You have the legal right to a no-fault divorce if you and your spouse are amicable and you both agree that it is time for the marriage to end. In a no-fault divorce, neither spouse has to prove guilt in order to dissolve the marriage. Actually, in a no-fault divorce, neither party needs the other’s consent to dissolve the marriage.

How does a no-fault divorce work?

If one partner wants to get a divorce, they don’t have to blame or prove fault against the other. Each state’s no-fault divorce laws are slightly different in wording, but in general, one of the spouses filing for the divorce must prove that the marriage has irretrievably broken down due to incompatibility, irreconcilable differences, or irreparable breakdown. To qualify for a no-fault divorce in certain states, you need to have lived apart for a certain amount of time, also known as a legal separation.

The original divorce laws required spouses to prove a “acceptable” cause for the dissolution of their marriage, such as infidelity or domestic violence. Legal developments in family court and divorce reform have made unilateral no-fault divorce available in all 50 states and the District of Columbia. The first state to pass such a law was California in 1970, and the reason for the divorce is known as the “grounds” for divorce.

A look at how no-fault divorce has developed

In 1757, Prussian King Frederick II issued an edict allowing spouses to dissolve their marriage without placing blame on one party. Russia was the first country to pass modern no-fault divorce laws in 1917, just after the Bolshevik revolution. This was the beginning of faultless divorce laws worldwide.
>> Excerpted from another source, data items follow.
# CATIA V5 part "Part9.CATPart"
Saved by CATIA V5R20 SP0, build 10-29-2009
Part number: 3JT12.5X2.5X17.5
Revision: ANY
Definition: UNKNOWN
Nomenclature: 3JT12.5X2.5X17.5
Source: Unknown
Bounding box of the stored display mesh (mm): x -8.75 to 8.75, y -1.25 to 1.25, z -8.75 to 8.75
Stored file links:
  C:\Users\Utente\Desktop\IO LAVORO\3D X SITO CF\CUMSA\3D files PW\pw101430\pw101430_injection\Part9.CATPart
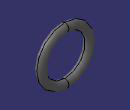
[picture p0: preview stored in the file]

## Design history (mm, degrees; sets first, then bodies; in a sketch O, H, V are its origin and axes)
Body1 "Revolución1" (main body)
  Solid1: solid without history
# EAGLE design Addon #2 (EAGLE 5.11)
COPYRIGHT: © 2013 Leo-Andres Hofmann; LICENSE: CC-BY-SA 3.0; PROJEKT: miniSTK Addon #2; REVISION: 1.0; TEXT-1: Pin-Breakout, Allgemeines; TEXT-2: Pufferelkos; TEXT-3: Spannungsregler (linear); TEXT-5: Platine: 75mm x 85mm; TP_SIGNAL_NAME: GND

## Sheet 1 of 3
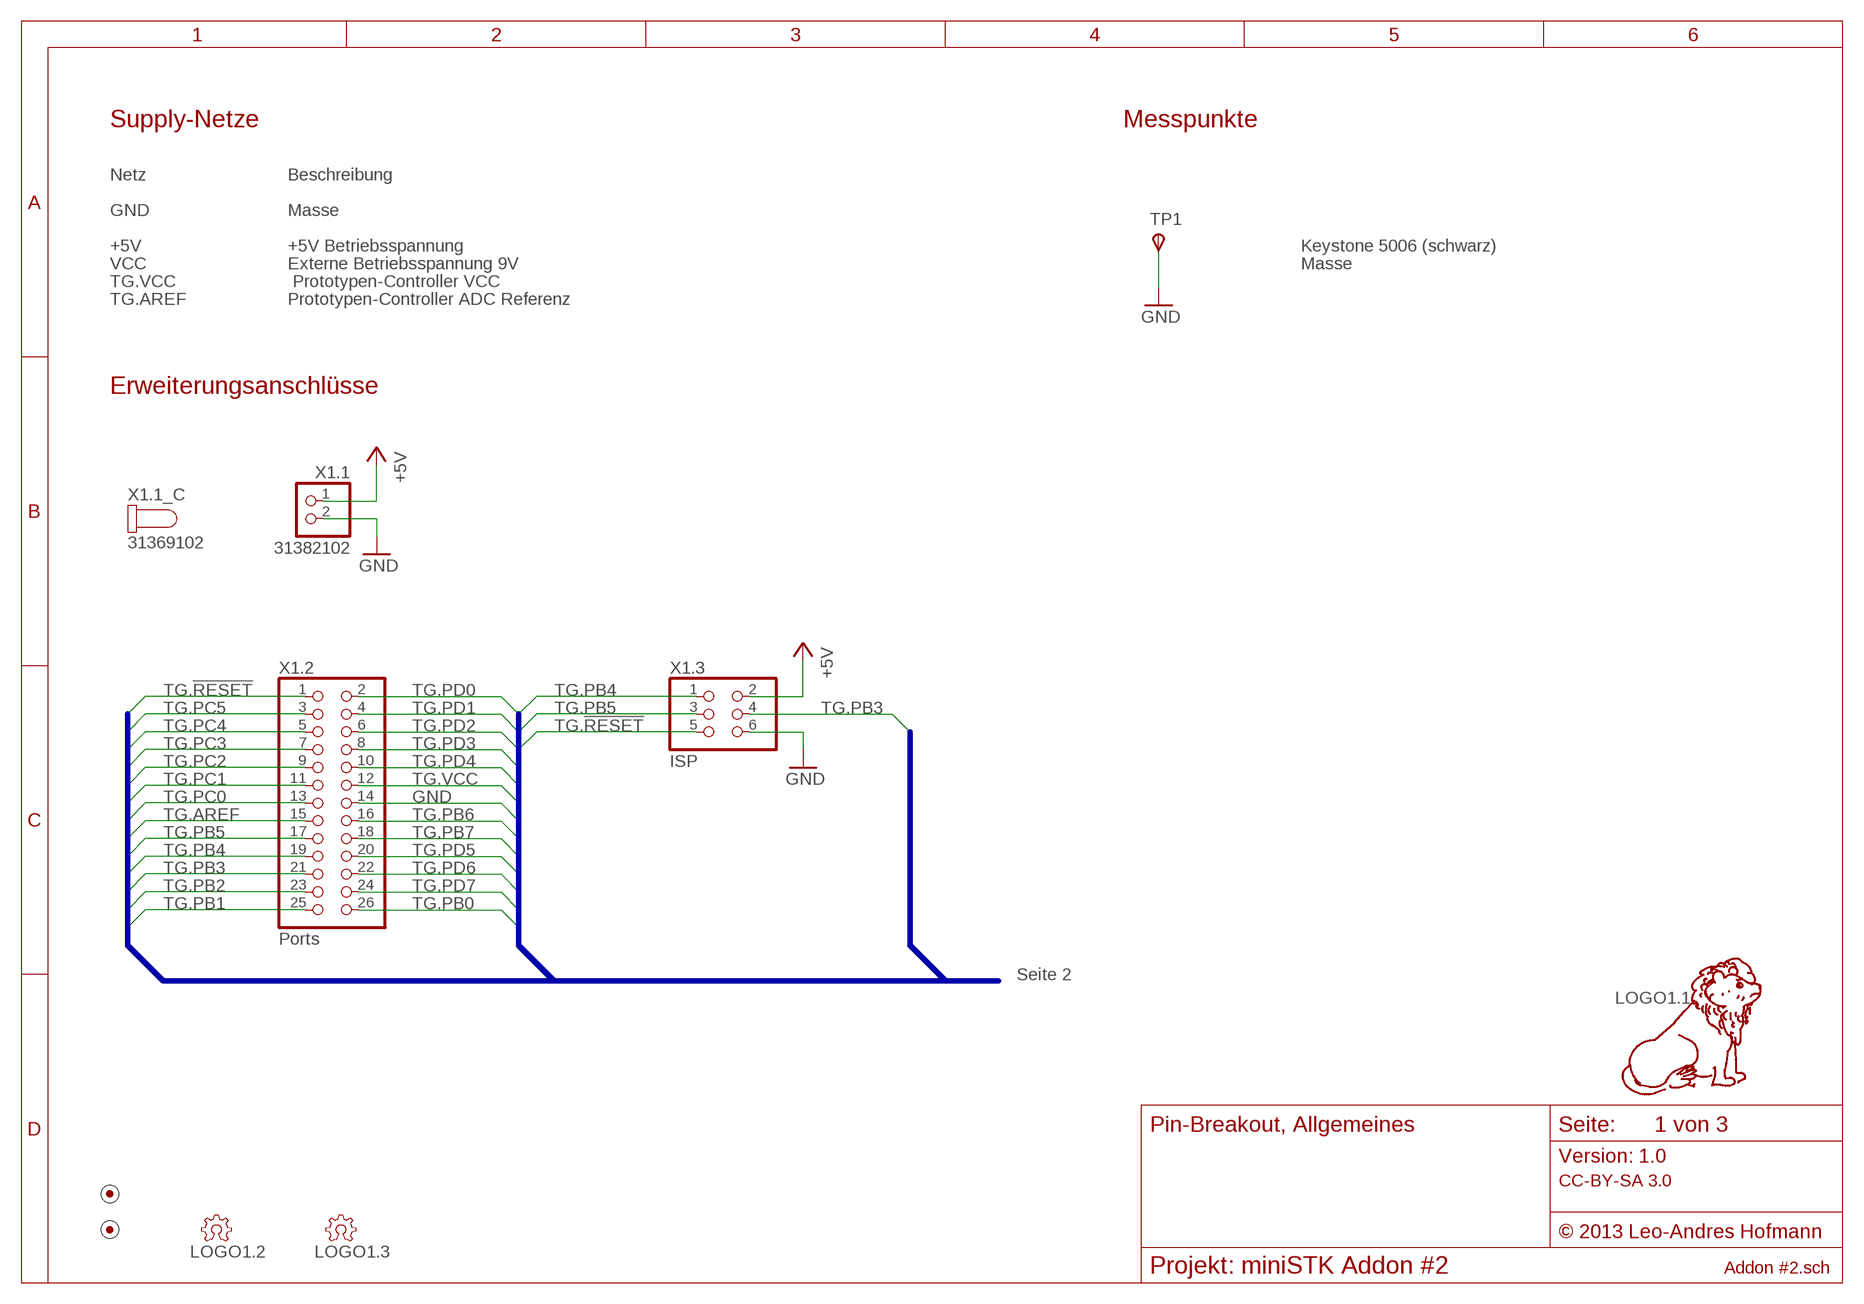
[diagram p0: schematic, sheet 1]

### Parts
LOGO1.1  LOGO-10MM-TPLACE  [10MM-TPLACE]
LOGO1.2  OSHW-3MM-FILL-TPLACE  [OSHW-FILL-3MM-TPLACE]
LOGO1.3  OSHW-3MM-FILL-TSTOP  [OSHW-FILL-3MM-TSTOP]
MARK1  FIDUCIAL-1.0/CREAM  [FIDUCIAL-1MM/CREAM]
MARK2  FIDUCIAL-1.0/CREAM  [FIDUCIAL-1MM/CREAM]
TP1  5006  TESTPOINT-1.6MM  [TESTPOINT-1.6MM]
X1.1  31382102  1PIN-2-31382102  [31382102]
X1.2  Ports  PINHD-2X13  [2X13]
X1.3  ISP  PINHD-2X3  [2X03]

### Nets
+5V: X1.1.1 X1.3.2 ; also sheet 2,3
GND: TP1.TP(PP) X1.1.2 X1.2.14 X1.3.6 ; also sheet 2,3
TG.!RESET: X1.2.1 X1.3.5 ; also sheet 2
TG.AREF: X1.2.15 ; also sheet 2
TG.PB0: X1.2.26 ; also sheet 2
TG.PB1: X1.2.25 ; also sheet 2
TG.PB2: X1.2.23 ; also sheet 2
TG.PB3: X1.2.21 X1.3.4 ; also sheet 2
TG.PB4: X1.2.19 X1.3.1 ; also sheet 2
TG.PB5: X1.2.17 X1.3.3 ; also sheet 2
TG.PB6: X1.2.16 ; also sheet 2
TG.PB7: X1.2.18 ; also sheet 2
TG.PC0: X1.2.13 ; also sheet 2
TG.PC1: X1.2.11 ; also sheet 2
TG.PC2: X1.2.9 ; also sheet 2
TG.PC3: X1.2.7 ; also sheet 2
TG.PC4: X1.2.5 ; also sheet 2
TG.PC5: X1.2.3 ; also sheet 2
TG.PD0: X1.2.2 ; also sheet 2
TG.PD1: X1.2.4 ; also sheet 2
TG.PD2: X1.2.6 ; also sheet 2
TG.PD3: X1.2.8 ; also sheet 2
TG.PD4: X1.2.10 ; also sheet 2
TG.PD5: X1.2.20 ; also sheet 2
TG.PD6: X1.2.22 ; also sheet 2
TG.PD7: X1.2.24 ; also sheet 2
TG.VCC: X1.2.12 ; also sheet 2

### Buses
TG:GND,TG.VCC,TG.!RESET,TG.AREF,TG.PB0,TG.PB1,TG.PB2,TG.PB3,TG.PB4,TG.PB5,TG.PB6,TG.PB7,TG.PC0,TG.PC1,TG.PC2,TG.PC3,TG.PC4,TG.PC5,TG.PD0,TG.PD1,TG.PD2,TG.PD3,TG.PD4,TG.PD5,TG.PD6,TG.PD7

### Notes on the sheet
- Supply-Netze | Messpunkte
- Netz | Beschreibung
- GND | Masse
- +5V | +5V Betriebsspannung | Keystone 5006 (schwarz)
- VCC | Externe Betriebsspannung 9V | Masse
- TG.VCC | Prototypen-Controller VCC
- TG.AREF | Prototypen-Controller ADC Referenz
- Erweiterungsanschlüsse
- Seite 2

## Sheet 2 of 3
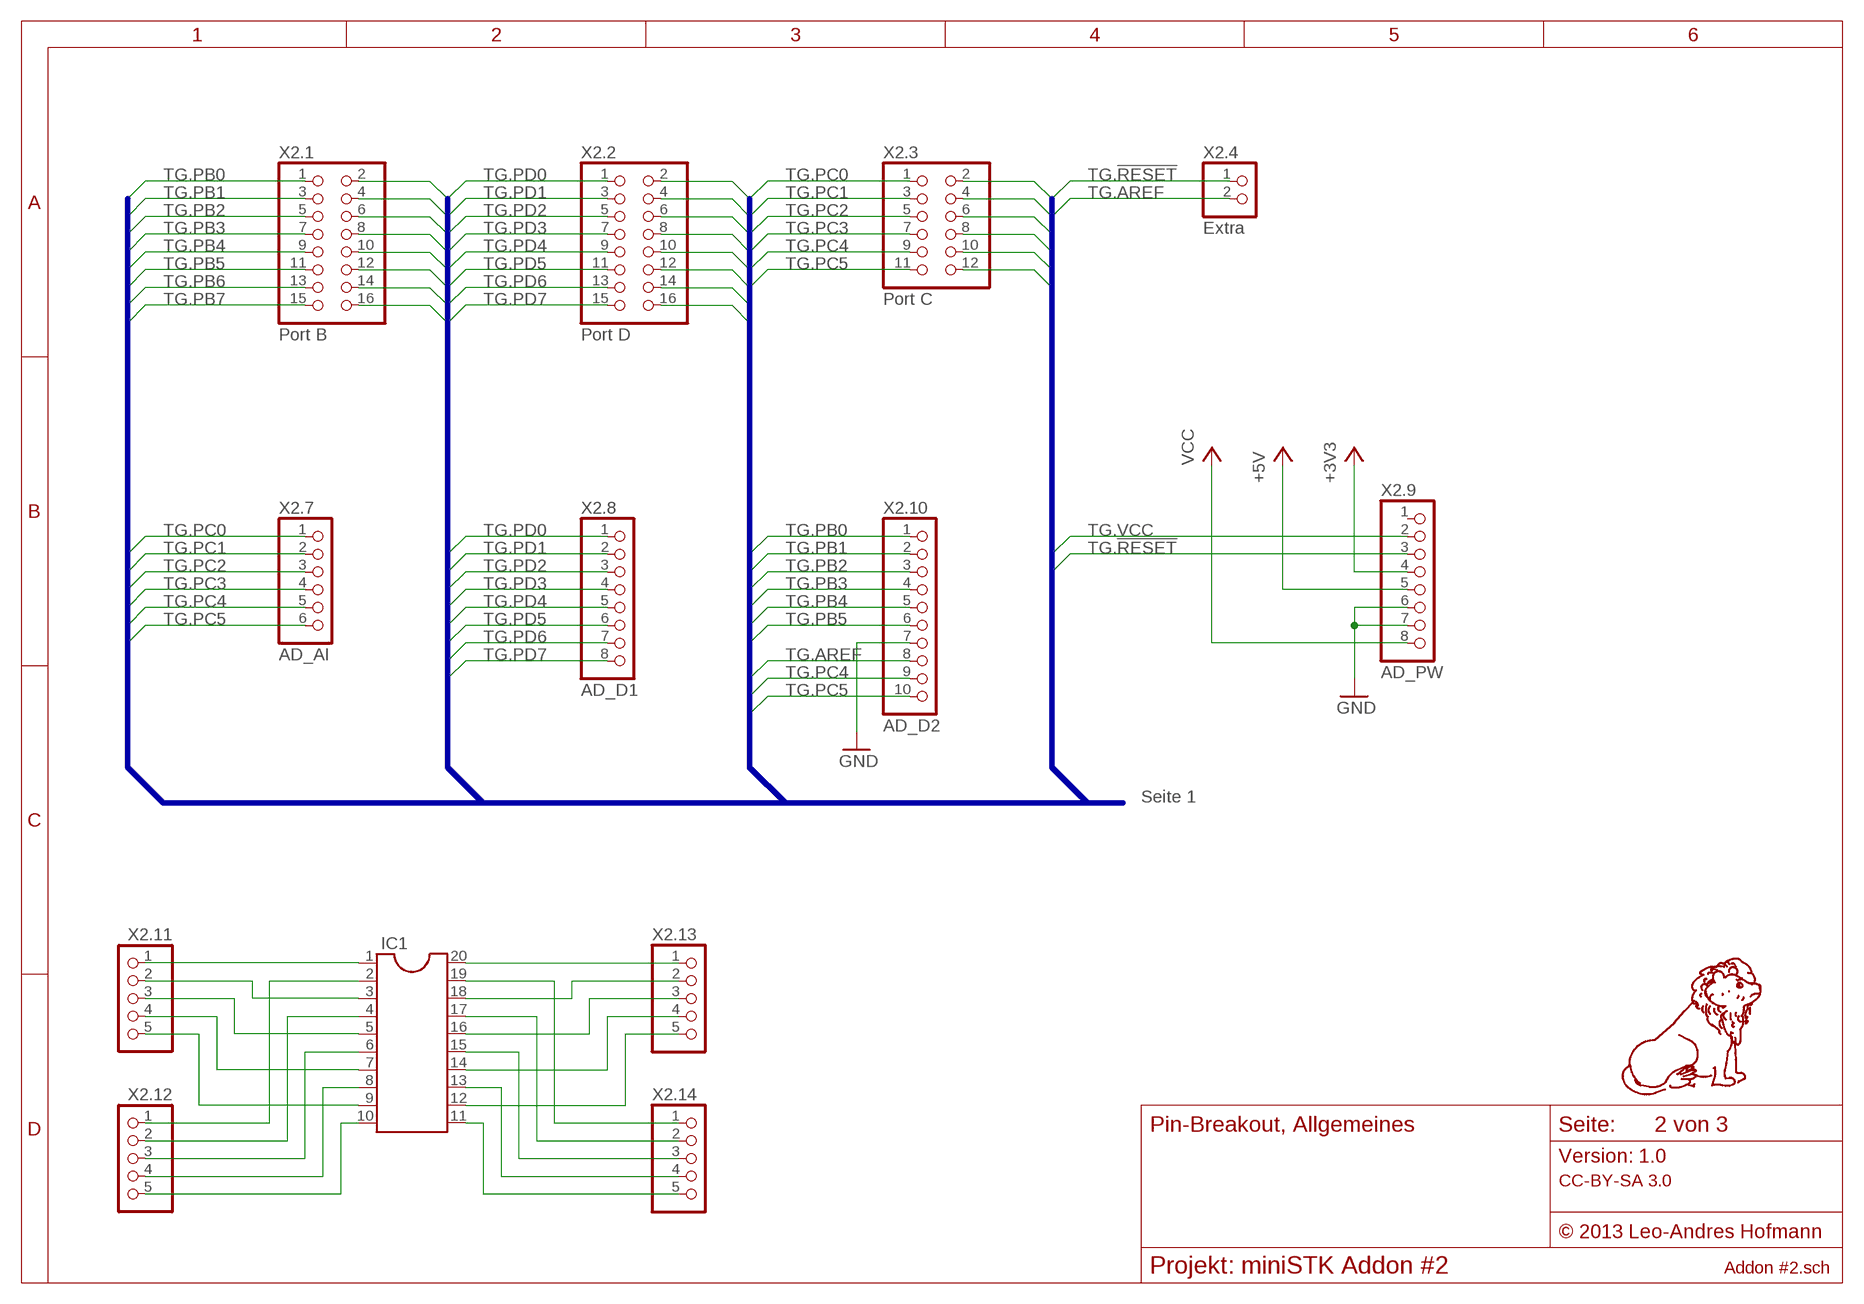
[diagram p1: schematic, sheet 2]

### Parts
IC1  SO-20  [SO-20/MULTI]
X2.1  Port B  PINHD-2X8  [2X08]
X2.2  Port D  PINHD-2X8  [2X08]
X2.3  Port C  PINHD-2X6  [2X06]
X2.4  Extra  PINHD-1X2  [1X02]
X2.7  AD_AI  PINHD-1X6  [1X06]
X2.8  AD_D1  PINHD-1X8  [1X08]
X2.9  AD_PW  PINHD-1X8  [1X08]
X2.10  AD_D2  PINHD-1X10  [1X10]
X2.11  PINHD-1X5  [1X05]
X2.12  PINHD-1X5  [1X05]
X2.13  PINHD-1X5  [1X05]
X2.14  PINHD-1X5  [1X05]

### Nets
+3V3: X2.9.4 ; also sheet 3
+5V: X2.9.5 ; also sheet 1,3
GND: X2.9.6 X2.9.7 X2.10.7 ; also sheet 1,3
N$21: IC1.1 X2.11.1
N$22: IC1.9 X2.11.5
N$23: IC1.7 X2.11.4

Up until the late 20th century, the only way to legally end a marriage in the US was through an at-fault divorce. This meant that couples wanting a divorce had to prove, either directly or through extensive efforts to invent or fabricate evidence, that one spouse was at fault.

In the early 20th century, the National Association of Women Lawyers (NAWL) was a leading voice in the movement for no-fault divorce. The first U.S. state to pass a no-fault divorce law was California, which became fully effective in 1970 after Governor Ronald Reagan signed the Family Law Act of 1969. The most recent state to pass a no-fault divorce law was New York in 2010.

A Guide to Obtaining a No-Fault Divorce

In many cases, a no-fault divorce can be easier, less expensive, quicker, and more private. To get a no-fault divorce, you just choose the no-fault option as the reason for divorce when you file at your local court or on their website. Your spouse cannot challenge no-fault grounds for divorce, and you don’t have to prove why you want the marriage to end.

For the most part, this option allows you to get a divorce even if your spouse isn’t on board with the idea. If you file and your spouse doesn’t answer, the court can grant a default judgment of divorce. On the other hand, if your spouse can show that your case hasn’t fulfilled state requirements for a divorce, like a waiting period, you might have to delay your divorce until you do.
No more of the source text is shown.